If a line below includes the string "dimensions", copy it.

BEGIN Dataset excerpts

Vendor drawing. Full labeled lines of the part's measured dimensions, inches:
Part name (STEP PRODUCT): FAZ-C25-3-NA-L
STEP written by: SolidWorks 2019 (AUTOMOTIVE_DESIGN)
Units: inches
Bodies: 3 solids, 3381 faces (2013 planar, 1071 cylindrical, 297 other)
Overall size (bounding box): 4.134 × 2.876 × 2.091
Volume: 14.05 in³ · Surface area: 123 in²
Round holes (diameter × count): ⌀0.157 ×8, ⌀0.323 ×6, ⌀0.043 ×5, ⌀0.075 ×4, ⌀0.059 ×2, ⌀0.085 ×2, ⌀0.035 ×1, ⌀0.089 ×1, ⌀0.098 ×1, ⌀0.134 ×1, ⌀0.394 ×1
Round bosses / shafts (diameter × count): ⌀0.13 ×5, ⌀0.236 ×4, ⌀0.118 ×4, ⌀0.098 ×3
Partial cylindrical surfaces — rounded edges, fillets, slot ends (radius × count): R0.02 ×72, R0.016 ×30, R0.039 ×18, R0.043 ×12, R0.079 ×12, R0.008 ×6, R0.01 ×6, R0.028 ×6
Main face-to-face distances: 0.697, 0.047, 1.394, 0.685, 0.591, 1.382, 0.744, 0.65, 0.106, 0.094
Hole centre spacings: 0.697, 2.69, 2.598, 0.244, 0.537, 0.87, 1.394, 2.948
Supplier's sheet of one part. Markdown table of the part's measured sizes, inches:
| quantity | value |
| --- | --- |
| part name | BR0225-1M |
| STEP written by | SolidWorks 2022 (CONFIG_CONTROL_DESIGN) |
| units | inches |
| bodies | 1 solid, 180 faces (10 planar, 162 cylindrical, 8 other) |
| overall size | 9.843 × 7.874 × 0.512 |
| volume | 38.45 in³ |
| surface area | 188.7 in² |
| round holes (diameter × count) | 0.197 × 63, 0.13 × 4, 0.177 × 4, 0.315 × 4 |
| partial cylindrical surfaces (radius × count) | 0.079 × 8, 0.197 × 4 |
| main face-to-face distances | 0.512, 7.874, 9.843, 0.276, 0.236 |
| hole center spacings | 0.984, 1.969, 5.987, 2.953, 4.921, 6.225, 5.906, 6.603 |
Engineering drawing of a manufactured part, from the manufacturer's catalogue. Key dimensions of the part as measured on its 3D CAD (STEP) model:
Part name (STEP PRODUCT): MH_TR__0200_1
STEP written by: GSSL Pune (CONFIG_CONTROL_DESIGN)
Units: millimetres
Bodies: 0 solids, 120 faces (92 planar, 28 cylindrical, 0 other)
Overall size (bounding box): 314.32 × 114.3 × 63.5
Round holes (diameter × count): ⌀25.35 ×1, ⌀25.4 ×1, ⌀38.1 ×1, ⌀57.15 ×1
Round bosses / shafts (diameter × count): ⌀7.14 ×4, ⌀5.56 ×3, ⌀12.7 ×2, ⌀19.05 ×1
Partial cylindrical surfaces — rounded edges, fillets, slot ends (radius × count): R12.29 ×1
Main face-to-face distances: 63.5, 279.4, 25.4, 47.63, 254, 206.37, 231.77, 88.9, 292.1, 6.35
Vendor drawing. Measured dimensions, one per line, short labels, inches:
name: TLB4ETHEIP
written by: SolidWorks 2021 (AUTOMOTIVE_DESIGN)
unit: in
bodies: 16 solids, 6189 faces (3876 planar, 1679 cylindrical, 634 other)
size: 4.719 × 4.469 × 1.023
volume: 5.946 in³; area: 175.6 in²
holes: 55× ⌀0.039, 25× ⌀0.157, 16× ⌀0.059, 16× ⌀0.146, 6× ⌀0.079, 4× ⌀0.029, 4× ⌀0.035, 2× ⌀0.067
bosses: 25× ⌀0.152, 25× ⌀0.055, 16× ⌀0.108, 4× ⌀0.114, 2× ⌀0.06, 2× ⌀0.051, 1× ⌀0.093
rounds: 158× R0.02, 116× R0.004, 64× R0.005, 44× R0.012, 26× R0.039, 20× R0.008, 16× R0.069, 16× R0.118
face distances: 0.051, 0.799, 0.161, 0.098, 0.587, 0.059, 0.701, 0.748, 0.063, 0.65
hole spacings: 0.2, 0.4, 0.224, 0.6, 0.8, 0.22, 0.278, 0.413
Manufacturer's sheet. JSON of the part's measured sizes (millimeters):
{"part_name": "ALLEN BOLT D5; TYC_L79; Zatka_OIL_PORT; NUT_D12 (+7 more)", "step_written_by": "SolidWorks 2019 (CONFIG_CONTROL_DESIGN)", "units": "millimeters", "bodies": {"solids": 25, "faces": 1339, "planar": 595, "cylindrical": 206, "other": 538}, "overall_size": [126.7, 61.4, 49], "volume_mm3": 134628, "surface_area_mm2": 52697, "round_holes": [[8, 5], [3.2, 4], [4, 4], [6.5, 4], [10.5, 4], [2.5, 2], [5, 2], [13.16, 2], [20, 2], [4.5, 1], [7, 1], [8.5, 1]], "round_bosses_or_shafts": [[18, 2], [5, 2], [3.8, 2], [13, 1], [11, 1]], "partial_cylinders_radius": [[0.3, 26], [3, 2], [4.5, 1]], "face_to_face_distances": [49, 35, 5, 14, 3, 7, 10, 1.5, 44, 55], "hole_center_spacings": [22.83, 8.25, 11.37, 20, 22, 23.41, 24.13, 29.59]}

END Dataset excerpts

• **Answer to the exercise**:
Vendor drawing. Full labeled lines of the part's measured dimensions, inches:
Engineering drawing of a manufactured part, from the manufacturer's catalogue. Key dimensions of the part as measured on its 3D CAD (STEP) model:
Vendor drawing. Measured dimensions, one per line, short labels, inches:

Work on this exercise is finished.